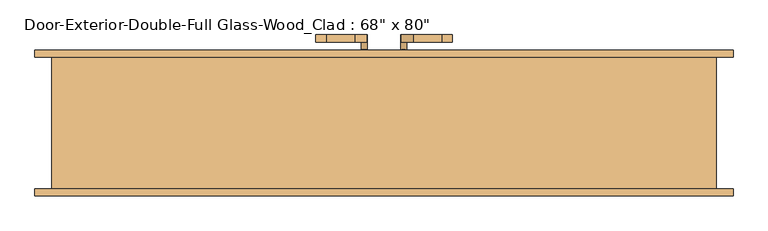
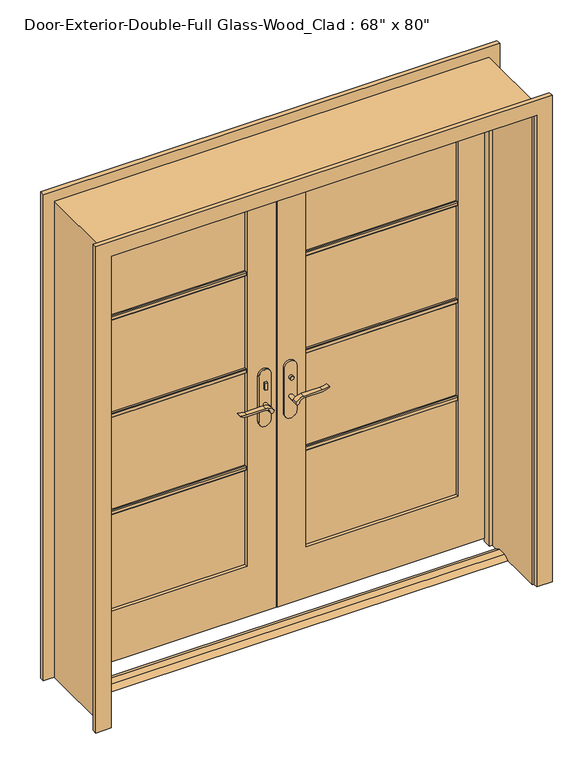
"""IFC4 building model written with IfcOpenShell, lengths in millimetres: door geometry."""

from ifc_helpers import new_model, si_unit, point, frame, frame_2d, origin, place, context, project, spatial, polyline, circle_curve, trimmed, segment, composite_curve, outline, extrude, faceted_brep, source, transform, mapped, element, save


def door_e0419d21(model_context):
    return source(origin(), model_context, "Body", "SolidModel", [
        extrude(outline(polyline([(19.05, 12.7), (53.975, 12.7), (79.375, 0.0), (-6.35, 0.0), (19.05, 12.7)])), frame((-863.6, 0.0, 0.0), z_axis=(1.0, 0.0, 0.0), x_axis=(0.0, 1.0, 0.0)), (0.0, 0.0, 1.0), 1727.2),
        extrude(outline(polyline([(-47.4019111, 118.1125), (-57.4019111, 118.1125), (-57.4019111, 128.1125), (-47.4019111, 128.1125), (-47.4019111, 118.1125)])), frame((0.0, 0.0, 981.9), z_axis=(0.0, 0.0, 1.0), x_axis=(1.0, 0.0, 0.0)), (0.0, 0.0, 1.0), 30.0),
        extrude(outline(composite_curve([segment(trimmed(circle_curve(frame_2d((996.9, -52.4019111)), 8.0), [point((996.9, -60.4019111))], [point((996.9, -44.4019111))], False, "CARTESIAN"), True, "CONTINUOUS"), segment(trimmed(circle_curve(frame_2d((996.9, -52.4019111)), 8.0), [point((996.9, -44.4019111))], [point((996.9, -60.4019111))], False, "CARTESIAN"), True, "CONTINUOUS")], self_intersect=False)), frame((0.0, 183.0375, 0.0), z_axis=(0.0, 1.0, 0.0), x_axis=(0.0, 0.0, 1.0)), (0.0, 0.0, 1.0), 10.0),
        extrude(outline(composite_curve([segment(trimmed(circle_curve(frame_2d((897.1555521, -76.0694241)), 37.2832219), [point((919.0523287, -45.8937749))], [point((934.4, -77.7693445))], False, "CARTESIAN"), True, "CONTINUOUS"), segment(polyline([(934.4, -77.7693445), (934.4, -154.045502)]), True, "CONTINUOUS"), segment(trimmed(circle_curve(frame_2d((1017.6850638, -153.9791202)), 83.2850902), [point((934.4, -154.045502))], [point((939.4, -182.4019111))], True, "CARTESIAN"), True, "CONTINUOUS"), segment(polyline([(939.4, -182.4019111), (936.6135558, -182.4019111)]), True, "CONTINUOUS"), segment(trimmed(circle_curve(frame_2d((986.6709207, -150.4622499)), 59.3791355), [point((936.6135558, -182.4019111))], [point((927.4, -154.045502))], False, "CARTESIAN"), True, "CONTINUOUS"), segment(polyline([(927.4, -154.045502), (927.4, -77.7881013)]), True, "CONTINUOUS"), segment(trimmed(circle_curve(frame_2d((909.2738613, -77.7881013)), 18.1261387), [point((927.4, -77.7881013))], [point((914.4, -60.4019111))], True, "CARTESIAN"), True, "CONTINUOUS"), segment(trimmed(circle_curve(frame_2d((914.4, -52.4019111)), 8.0), [point((914.4, -60.4019111))], [point((919.0523287, -45.8937749))], False, "CARTESIAN"), True, "CONTINUOUS")], self_intersect=False)), frame((0.0, 78.1125, 0.0), z_axis=(0.0, 1.0, 0.0), x_axis=(0.0, 0.0, 1.0)), (0.0, 0.0, 1.0), 20.0),
        extrude(outline(composite_curve([segment(trimmed(circle_curve(frame_2d((914.4, -52.4019111)), 8.0), [point((914.3999903, -60.4019111))], [point((919.0523287, -45.8937749))], False, "CARTESIAN"), True, "CONTINUOUS"), segment(trimmed(circle_curve(frame_2d((897.1555521, -76.0694241)), 37.2832219), [point((919.0523287, -45.8937749))], [point((934.4, -77.7693445))], False, "CARTESIAN"), True, "CONTINUOUS"), segment(polyline([(934.4, -77.7693445), (934.4, -154.045502)]), True, "CONTINUOUS"), segment(trimmed(circle_curve(frame_2d((1017.6850638, -153.9791202)), 83.2850902), [point((934.4, -154.045502))], [point((939.4, -182.4019111))], True, "CARTESIAN"), True, "CONTINUOUS"), segment(polyline([(939.4, -182.4019111), (936.6135558, -182.4019111)]), True, "CONTINUOUS"), segment(trimmed(circle_curve(frame_2d((986.6709207, -150.4622499)), 59.3791355), [point((936.6135558, -182.4019111))], [point((927.4, -154.045502))], False, "CARTESIAN"), True, "CONTINUOUS"), segment(polyline([(927.4, -154.045502), (927.4, -77.788099)]), True, "CONTINUOUS"), segment(trimmed(circle_curve(frame_2d((909.2738682, -77.788099)), 18.1261318), [point((927.4, -77.788099))], [point((914.3999903, -60.4019111))], True, "CARTESIAN"), True, "CONTINUOUS")], self_intersect=False)), frame((0.0, 213.0375, 0.0), z_axis=(0.0, 1.0, 0.0), x_axis=(0.0, 0.0, 1.0)), (0.0, 0.0, 1.0), 20.0),
        extrude(outline(composite_curve([segment(trimmed(circle_curve(frame_2d((914.4, -52.4019111)), 8.0), [point((914.4, -60.4019111))], [point((914.4, -44.4019111))], False, "CARTESIAN"), True, "CONTINUOUS"), segment(trimmed(circle_curve(frame_2d((914.4, -52.4019111)), 8.0), [point((914.4, -44.4019111))], [point((914.4, -60.4019111))], False, "CARTESIAN"), True, "CONTINUOUS")], self_intersect=False)), frame((0.0, 98.1125, 0.0), z_axis=(0.0, 1.0, 0.0), x_axis=(0.0, 0.0, 1.0)), (0.0, 0.0, 1.0), 30.0),
        extrude(outline(composite_curve([segment(trimmed(circle_curve(frame_2d((914.4, -52.4019111)), 8.0), [point((914.4, -60.4019111))], [point((914.4, -44.4019111))], False, "CARTESIAN"), True, "CONTINUOUS"), segment(trimmed(circle_curve(frame_2d((914.4, -52.4019111)), 8.0), [point((914.4, -44.4019111))], [point((914.4, -60.4019111))], False, "CARTESIAN"), True, "CONTINUOUS")], self_intersect=False)), frame((0.0, 183.0375, 0.0), z_axis=(0.0, 1.0, 0.0), x_axis=(0.0, 0.0, 1.0)), (0.0, 0.0, 1.0), 30.0),
        extrude(outline(composite_curve([segment(polyline([(844.4, -27.4019111), (1039.4, -27.4019111)]), True, "CONTINUOUS"), segment(trimmed(circle_curve(frame_2d((1039.4, -52.4019111)), 25.0), [point((1039.4, -27.4019111))], [point((1039.4, -77.4019111))], False, "CARTESIAN"), True, "CONTINUOUS"), segment(polyline([(1039.4, -77.4019111), (844.4, -77.4019111)]), True, "CONTINUOUS"), segment(trimmed(circle_curve(frame_2d((844.4, -52.4019111)), 25.0), [point((844.4, -77.4019111))], [point((844.4, -27.4019111))], False, "CARTESIAN"), True, "CONTINUOUS")], self_intersect=False)), frame((0.0, 128.1125, 0.0), z_axis=(0.0, 1.0, 0.0), x_axis=(0.0, 0.0, 1.0)), (0.0, 0.0, 1.0), 10.0),
        extrude(outline(composite_curve([segment(polyline([(844.4, -27.4019111), (1039.4, -27.4019111)]), True, "CONTINUOUS"), segment(trimmed(circle_curve(frame_2d((1039.4, -52.4019111)), 25.0), [point((1039.4, -27.4019111))], [point((1039.4, -77.4019111))], False, "CARTESIAN"), True, "CONTINUOUS"), segment(polyline([(1039.4, -77.4019111), (844.4, -77.4019111)]), True, "CONTINUOUS"), segment(trimmed(circle_curve(frame_2d((844.4, -52.4019111)), 25.0), [point((844.4, -77.4019111))], [point((844.4, -27.4019111))], False, "CARTESIAN"), True, "CONTINUOUS")], self_intersect=False)), frame((0.0, 173.0375, 0.0), z_axis=(0.0, 1.0, 0.0), x_axis=(0.0, 0.0, 1.0)), (0.0, 0.0, 1.0), 10.0),
        extrude(outline(polyline([(47.3875, 193.0375), (57.3875, 193.0375), (57.3875, 183.0375), (47.3875, 183.0375), (47.3875, 193.0375)])), frame((0.0, 0.0, 981.9), z_axis=(0.0, 0.0, 1.0), x_axis=(1.0, 0.0, 0.0)), (0.0, 0.0, 1.0), 30.0),
        extrude(outline(composite_curve([segment(trimmed(circle_curve(frame_2d((996.9, 52.3875)), 8.0), [point((996.9, 60.3875))], [point((996.9, 44.3875))], False, "CARTESIAN"), True, "CONTINUOUS"), segment(trimmed(circle_curve(frame_2d((996.9, 52.3875)), 8.0), [point((996.9, 44.3875))], [point((996.9, 60.3875))], False, "CARTESIAN"), True, "CONTINUOUS")], self_intersect=False)), frame((0.0, 118.1125, 0.0), z_axis=(0.0, 1.0, 0.0), x_axis=(0.0, 0.0, 1.0)), (0.0, 0.0, 1.0), 10.0),
        extrude(outline(composite_curve([segment(trimmed(circle_curve(frame_2d((914.4, 52.3875)), 8.0), [point((919.0523287, 45.8793637))], [point((914.4, 60.3875))], False, "CARTESIAN"), True, "CONTINUOUS"), segment(trimmed(circle_curve(frame_2d((909.2738613, 77.7736901)), 18.1261387), [point((914.4, 60.3875))], [point((927.4, 77.7736901))], True, "CARTESIAN"), True, "CONTINUOUS"), segment(polyline([(927.4, 77.7736901), (927.4, 154.0310909)]), True, "CONTINUOUS"), segment(trimmed(circle_curve(frame_2d((986.6709207, 150.4478388)), 59.3791355), [point((927.4, 154.0310909))], [point((936.6135558, 182.3875))], False, "CARTESIAN"), True, "CONTINUOUS"), segment(polyline([(936.6135558, 182.3875), (939.4, 182.3875)]), True, "CONTINUOUS"), segment(trimmed(circle_curve(frame_2d((1017.6850638, 153.9647091)), 83.2850902), [point((939.4, 182.3875))], [point((934.4, 154.0310909))], True, "CARTESIAN"), True, "CONTINUOUS"), segment(polyline([(934.4, 154.0310909), (934.4, 77.7549333)]), True, "CONTINUOUS"), segment(trimmed(circle_curve(frame_2d((897.1555521, 76.0550129)), 37.2832219), [point((934.4, 77.7549333))], [point((919.0523287, 45.8793637))], False, "CARTESIAN"), True, "CONTINUOUS")], self_intersect=False)), frame((0.0, 213.0375, 0.0), z_axis=(0.0, 1.0, 0.0), x_axis=(0.0, 0.0, 1.0)), (0.0, 0.0, 1.0), 20.0),
        extrude(outline(composite_curve([segment(trimmed(circle_curve(frame_2d((909.2738682, 77.7736878)), 18.1261318), [point((914.3999903, 60.3875))], [point((927.4, 77.7736878))], True, "CARTESIAN"), True, "CONTINUOUS"), segment(polyline([(927.4, 77.7736878), (927.4, 154.0310909)]), True, "CONTINUOUS"), segment(trimmed(circle_curve(frame_2d((986.6709207, 150.4478388)), 59.3791355), [point((927.4, 154.0310909))], [point((936.6135558, 182.3875))], False, "CARTESIAN"), True, "CONTINUOUS"), segment(polyline([(936.6135558, 182.3875), (939.4, 182.3875)]), True, "CONTINUOUS"), segment(trimmed(circle_curve(frame_2d((1017.6850638, 153.9647091)), 83.2850902), [point((939.4, 182.3875))], [point((934.4, 154.0310909))], True, "CARTESIAN"), True, "CONTINUOUS"), segment(polyline([(934.4, 154.0310909), (934.4, 77.7549333)]), True, "CONTINUOUS"), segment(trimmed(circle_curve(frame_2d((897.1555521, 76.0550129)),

What you will do
Out of the records, collect only those lines that contain the string "source".

Response area
from ifc_helpers import new_model, si_unit, point, frame, frame_2d, origin, place, context, project, spatial, polyline, circle_curve, trimmed, segment, composite_curve, outline, extrude, faceted_brep, source, transform, mapped, element, save
    return source(origin(), model_context, "Body", "SolidModel", [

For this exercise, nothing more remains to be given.